Santa Monica, CA — A recommendation to follow the flawed federal approach to controlling ownership of discoveries resulting from taxpayer-funded stem cell research short-changes Californians, a consumer advocacy group said today.

The proposal was released late Tuesday by the California Council on Science and Technology (CCST). It urged the Proposition 71 stem cell institute to follow the federal Bayh-Dole Act in developing rules to govern discoveries made with publicly-funded research. It advocates the same approach for other state-funded research. Federal rules would not fulfill Proposition 71‘s promise to give voters access to new medical cures.

“Too often the flawed federal rules only benefit drug and biotech companies underwriting their research, but providing no fair and easy access to the medical cures the public financed,” said John M. Simpson, Stem Cell Project director for the Foundation for Taxpayer and Consumer Rights (FTCR).

A recent analysis of the effect of federal rules on the 50 top-selling drugs over a five-year period found that forty-five of them received millions of dollars of taxpayer money with virtually no payback to patients or taxpayers.

The flawed federal rules have also caused over-commercialization of universities and research institutions. “It’s resulted in too many patents on discoveries that should be in the public domain and shared easily among researchers so new cures are quickly found,” Simpson said. “Instead, too many patents — what many call patent thickets — have hindered the flow of information and exchange of ideas.”

The Council acknowledges that there are other models for managing the discoveries — so-called intellectual property (IP) — that result from publicly-funded research.
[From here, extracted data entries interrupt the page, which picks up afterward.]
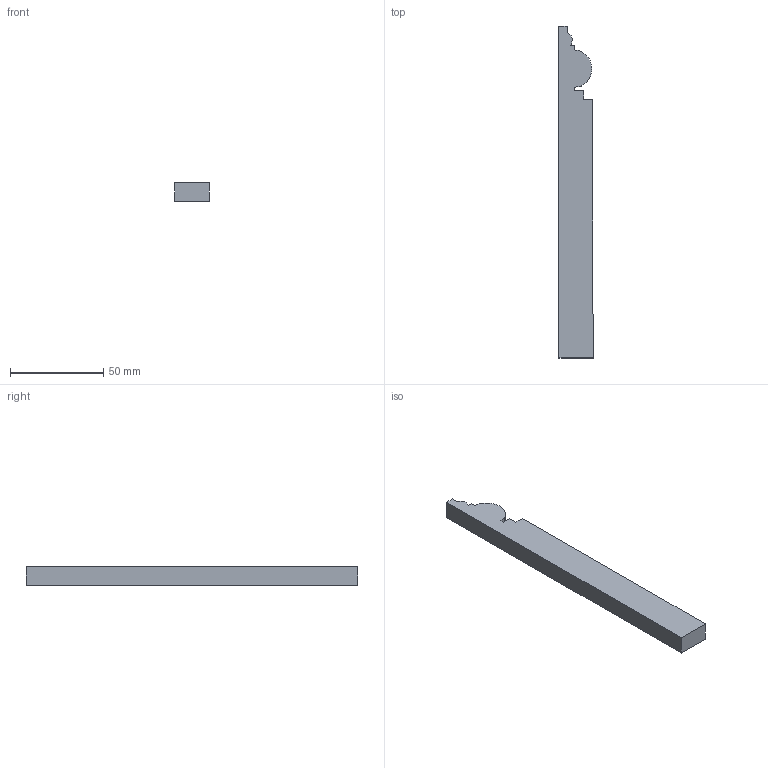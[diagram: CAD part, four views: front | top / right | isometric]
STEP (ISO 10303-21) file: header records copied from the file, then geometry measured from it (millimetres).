
FILE_DESCRIPTION (( 'STEP AP203' ), '1' );
FILE_NAME ('Ab212-7FJ.STEP', '2024-02-17T10:03:11', ( '' ), ( '' ), 'SwSTEP 2.0', 'SolidWorks 2020', '' );
FILE_SCHEMA (( 'CONFIG_CONTROL_DESIGN' ));
Length unit declared in the file: millimetre
Products named in the file (1): Ab212-7FJ
Bounding box: 18.32 x 177.62 x 10 mm (x, y, z)
Volume: 29808.5 mm3; surface area: 9974.3 mm2
Topology: 1 solids, 1 shells, 44 faces, 126 edges, 84 vertices
Faces by surface type: plane 44
Entity records: 1487 total; most frequent: CARTESIAN_POINT 255, ORIENTED_EDGE 252, DIRECTION 216, EDGE_CURVE 126, LINE 126, VECTOR 126, VERTEX_POINT 84, AXIS2_PLACEMENT_3D 45
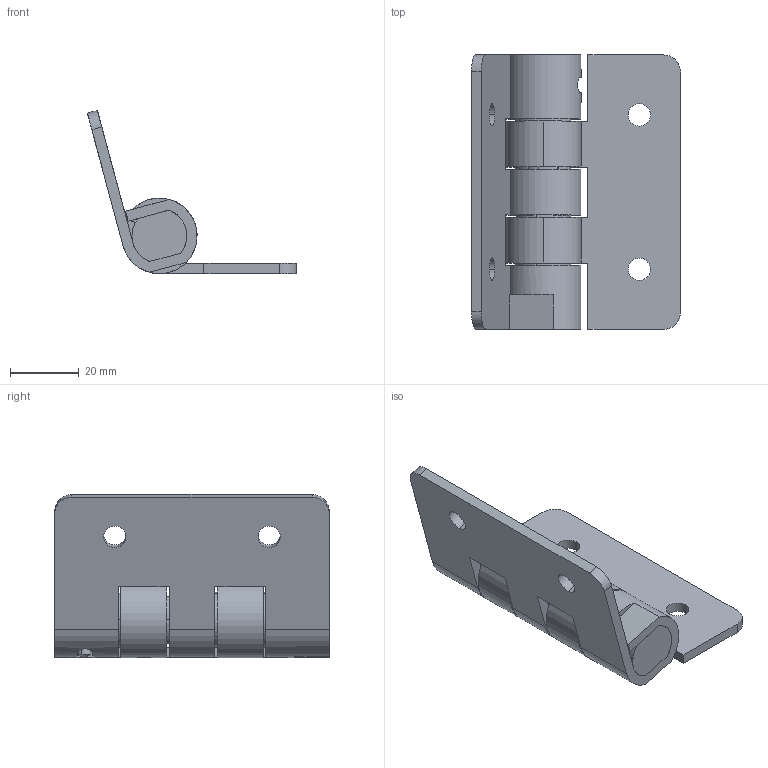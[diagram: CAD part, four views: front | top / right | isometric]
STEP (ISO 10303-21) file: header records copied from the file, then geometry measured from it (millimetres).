
FILE_DESCRIPTION(('STEP AP214'),'1');
FILE_NAME('75-1-0003.stp','2017-08-23T11:38:30',('TraceParts'),('TraceParts S.A.'),'Spatial InterOp 3D',' ',' ');
FILE_SCHEMA(('automotive_design'));
Length unit declared in the file: millimetre
Products named in the file (6): 75-1-0003_1; 75-1-0003_2; 75-1-0003_3; 75-1-0003_4; 75-1-0003_5; 75-1-0003_6
Bounding box: 60.98 x 80 x 47.57 mm (x, y, z)
Volume: 42705.8 mm3; surface area: 27745 mm2
Topology: 6 solids, 6 shells, 144 faces, 388 edges, 251 vertices
Faces by surface type: plane 70, cylinder 58, cone 12, bspline 4
Entity records: 5643 total; most frequent: CARTESIAN_POINT 1897, DIRECTION 773, ORIENTED_EDGE 768, EDGE_CURVE 384, AXIS2_PLACEMENT_3D 279, VERTEX_POINT 251, LINE 215, VECTOR 215
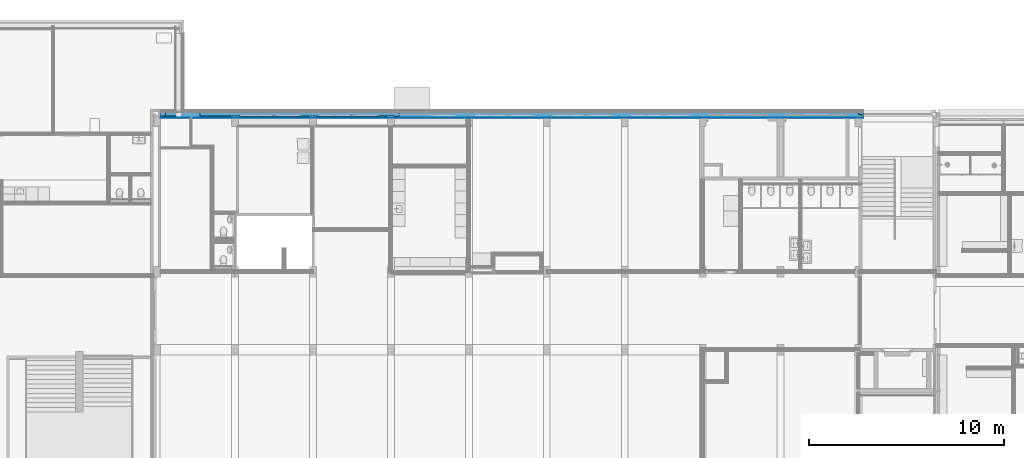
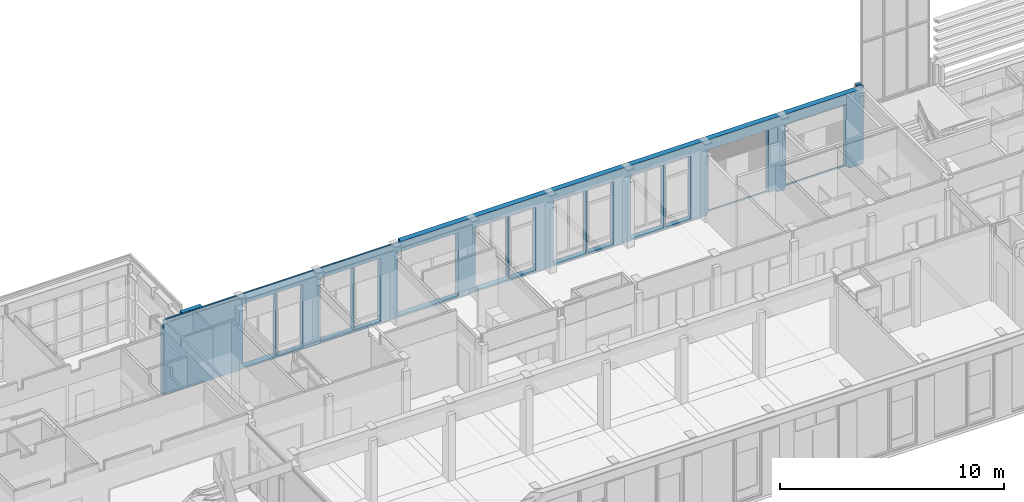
# One storey, part 72 of 109: 2 building element parts, 14 openings, 1 element without a shape of its own.
"""IFC2X3 building model written with IfcOpenShell, lengths in millimetres."""

from ifc_helpers import new_model, entity, si_unit, converted_unit, derived_unit, money_unit, direction, frame, origin_with_axes, place, context, subcontext, project, spatial, faceted_brep, material, type_object, element, aggregate, save


model = new_model("IFC2X3")

# Units and contexts
model_context = context("Model", 3, precision=0.01, world=origin_with_axes(), true_north=direction((0.0, 1.0)))
body_context = subcontext(model_context, "Body", "Model", "MODEL_VIEW")
ifc_project = project(units=[si_unit("LENGTHUNIT", "METRE", prefix="MILLI"), si_unit("AREAUNIT", "SQUARE_METRE"), si_unit("VOLUMEUNIT", "CUBIC_METRE"), converted_unit("PLANEANGLEUNIT", "DEGREE", entity("IfcPlaneAngleMeasure", 0.0174532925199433), si_unit("PLANEANGLEUNIT", "RADIAN"), dimensions=[0, 0, 0, 0, 0, 0, 0]), money_unit("EUR"), converted_unit("TIMEUNIT", "Year", entity("IfcTimeMeasure", 31557600.0), si_unit("TIMEUNIT", "SECOND"), dimensions=[0, 0, 1, 0, 0, 0, 0]), si_unit("MASSUNIT", "GRAM", prefix="KILO"), si_unit("THERMODYNAMICTEMPERATUREUNIT", "DEGREE_CELSIUS"), si_unit("LUMINOUSINTENSITYUNIT", "LUMEN"), si_unit("ENERGYUNIT", "JOULE", prefix="MEGA"), derived_unit("THERMALCONDUCTANCEUNIT", [(si_unit("POWERUNIT", "WATT"), 1), (si_unit("LENGTHUNIT", "METRE"), -1), (si_unit("THERMODYNAMICTEMPERATUREUNIT", "KELVIN"), -1)]), derived_unit("SPECIFICHEATCAPACITYUNIT", [(si_unit("ENERGYUNIT", "JOULE"), 1), (si_unit("MASSUNIT", "GRAM", prefix="KILO"), -1), (si_unit("THERMODYNAMICTEMPERATUREUNIT", "KELVIN"), -1)]), derived_unit("MASSDENSITYUNIT", [(si_unit("MASSUNIT", "GRAM", prefix="KILO"), 1), (si_unit("VOLUMEUNIT", "CUBIC_METRE"), -1)])], contexts=[model_context])

# Site, building, storey
site_placement = place(None, origin_with_axes())
site = spatial("IfcSite", under=ifc_project, at=site_placement, Name="<site naam>", CompositionType="ELEMENT")
building_placement = place(site_placement, origin_with_axes())
building = spatial("IfcBuilding", under=site, at=building_placement, Name="<Naam gebouw>", CompositionType="ELEMENT")
storey_placement = place(building_placement, origin_with_axes())
storey = spatial("IfcBuildingStorey", under=building, at=storey_placement, Name="00 Begane grond", CompositionType="ELEMENT", Elevation=0.0)

# Wall, openings, building element parts
wall_type = type_object("IfcWallType", Name="HSB_285 gevelbeplating 420", PredefinedType="NOTDEFINED")
wall_placement = place(storey_placement, frame((48251.99999966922, 20297.99999999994, 0.0), z_axis=(0.0, 0.0, 1.0), x_axis=(-1.0, 0.0, 0.0)))
wall = element("IfcWall", 1, at=wall_placement, inside=storey, type_object=wall_type, Name="21_Binnenwand_HSB_285")
opening_1_placement = place(wall_placement, frame((17550.9999996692, 0.0, 100.0), z_axis=(0.0, 0.0, 1.0), x_axis=(1.0, 0.0, 0.0)))
element("IfcOpeningElement", 2, at=opening_1_placement, cuts=wall, Name="21_BU-A-01b sp_305", context=body_context, shape_type="Brep", body=[
    faceted_brep([(663.0000000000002, 212.9999999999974, 3450.0), (-663.0000000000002, 212.9999999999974, 3450.0), (-663.0000000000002, -1.000000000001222, 3450.0), (663.0000000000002, -1.000000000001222, 3450.0), (663.0000000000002, 421.000000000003, 3450.0), (-663.0000000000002, 421.000000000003, 3450.0), (-663.0000000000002, 212.9999999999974, 0.0), (-663.0000000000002, -1.000000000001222, 0.0), (663.0000000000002, -1.000000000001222, 0.0), (663.0000000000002, 212.9999999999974, 0.0), (663.0000000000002, 421.000000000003, 0.0), (-663.0000000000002, 421.000000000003, 0.0)], [[[0, 1, 2, 3]], [[1, 0, 4, 5]], [[1, 6, 7, 2]], [[2, 7, 8, 3]], [[9, 0, 3, 8]], [[0, 9, 10, 4]], [[4, 10, 11, 5]], [[6, 1, 5, 11]], [[6, 9, 8, 7]], [[9, 6, 11, 10]]]),
])
opening_2_placement = place(wall_placement, frame((25551.00012310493, 0.0, 100.0), z_axis=(0.0, 0.0, 1.0), x_axis=(1.0, 0.0, 0.0)))
element("IfcOpeningElement", 3, at=opening_2_placement, cuts=wall, Name="21_BU-A-01b sp_305", context=body_context, shape_type="Brep", body=[
    faceted_brep([(663.0000000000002, 212.9999999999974, 3450.0), (-663.0000000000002, 212.9999999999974, 3450.0), (-663.0000000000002, -1.000000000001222, 3450.0), (663.0000000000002, -1.000000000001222, 3450.0), (663.0000000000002, 421.000000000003, 3450.0), (-663.0000000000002, 421.000000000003, 3450.0), (-663.0000000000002, 212.9999999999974, 0.0), (-663.0000000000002, -1.000000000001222, 0.0), (663.0000000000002, -1.000000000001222, 0.0), (663.0000000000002, 212.9999999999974, 0.0), (663.0000000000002, 421.000000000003, 0.0), (-663.0000000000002, 421.000000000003, 0.0)], [[[0, 1, 2, 3]], [[1, 0, 4, 5]], [[1, 6, 7, 2]], [[2, 7, 8, 3]], [[9, 0, 3, 8]], [[0, 9, 10, 4]], [[4, 10, 11, 5]], [[6, 1, 5, 11]], [[6, 9, 8, 7]], [[9, 6, 11, 10]]]),
])
opening_3_placement = place(wall_placement, frame((27140.99995093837, 0.0, 100.0), z_axis=(0.0, 0.0, 1.0), x_axis=(1.0, 0.0, 0.0)))
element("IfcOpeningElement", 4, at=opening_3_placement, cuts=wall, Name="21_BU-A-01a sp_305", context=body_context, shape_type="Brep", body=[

These include public domain for science, patent pooling and experimentation with licensing that would require access to drugs and cures at an affordable prices.

The Council said these approaches show “a range of creative and innovative approaches to handling IP that warrant further exploration and public discussion.”

“Why the Council didn’t follow its own advice is a mystery,” said Simpson. “These are exactly the solutions the California stem cell committee should explore and implement as it establishes the lead worldwide in publicly funded stem cell research. Let’s do it right in California; Proposition 71 wasn’t meant to be a blank check for biotech.”

Currently the stem cell oversight committee is developing intellectual property (IP) rules that determine who will control and ultimately benefit from valuable drugs and treatments resulting from the state’s stem cell research program. FTCR will be presenting the oversight committee with a comprehensive report on IP policy. It is founded on three principles:

Affordability. Cures and treatments must be priced so all Californians can afford and benefit from them, not just a wealthy few.

Accessibility. Not only do all Californians deserve access to Prop 71-funded therapies, but stem cell researchers need access to the results of other Prop 71-funded research to develop the widest range of cures.

Accountability. Polices must assure that grantees and licensees fulfill their obligations when benefiting from public money.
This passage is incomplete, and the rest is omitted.